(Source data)
::::::::

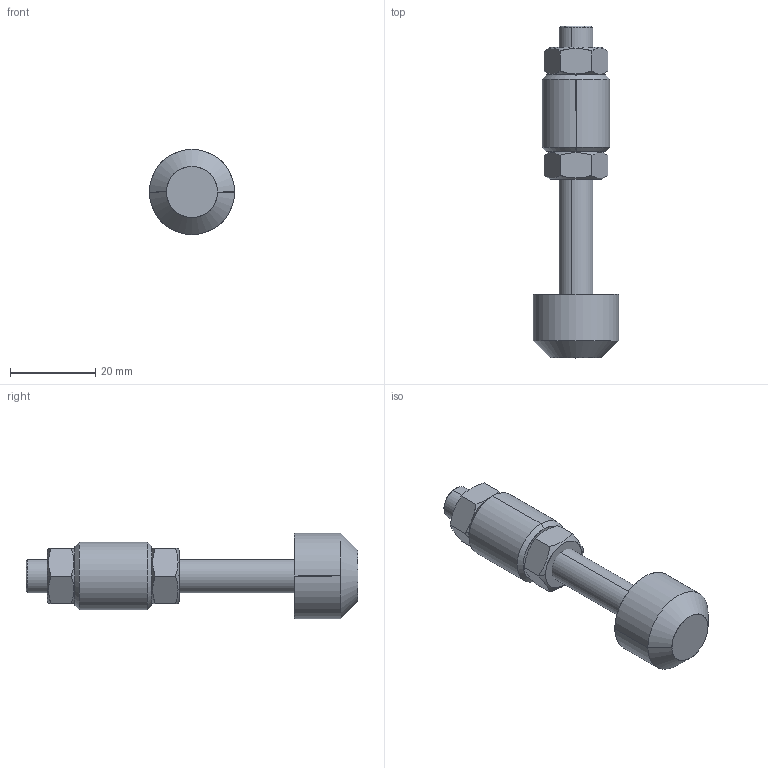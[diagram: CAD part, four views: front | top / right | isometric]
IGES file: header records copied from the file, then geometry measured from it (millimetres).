
Start section: SolidWorks IGES file using analytic representation for surfaces
Global section: file name: C:\Projetos\Ponteiras\BRB\BRB-M8.IGS; native system: SolidWorks 2015; preprocessor: SolidWorks 2015; author: Ricardo; date: 160725.150442; units: millimetre
Bounding box: 20 x 78 x 20 mm (x, y, z)
Surface area: 6254 mm2 (no closed solid volume)
Topology: 0 solids, 0 shells, 68 faces, 1096 edges, 1094 vertices
Faces by surface type: revolution 46, bspline 22

::::::::

All lines from the one with "IGES file: header" to the end of the records must be set down exactly. Skip every line before it.

#### Answer to this exercise
IGES file: header records copied from the file, then geometry measured from it (millimetres).
Start section: SolidWorks IGES file using analytic representation for surfaces
Global section: file name: C:\Projetos\Ponteiras\BRB\BRB-M8.IGS; native system: SolidWorks 2015; preprocessor: SolidWorks 2015; author: Ricardo; date: 160725.150442; units: millimetre
Bounding box: 20 x 78 x 20 mm (x, y, z)
Surface area: 6254 mm2 (no closed solid volume)
Topology: 0 solids, 0 shells, 68 faces, 1096 edges, 1094 vertices
Faces by surface type: revolution 46, bspline 22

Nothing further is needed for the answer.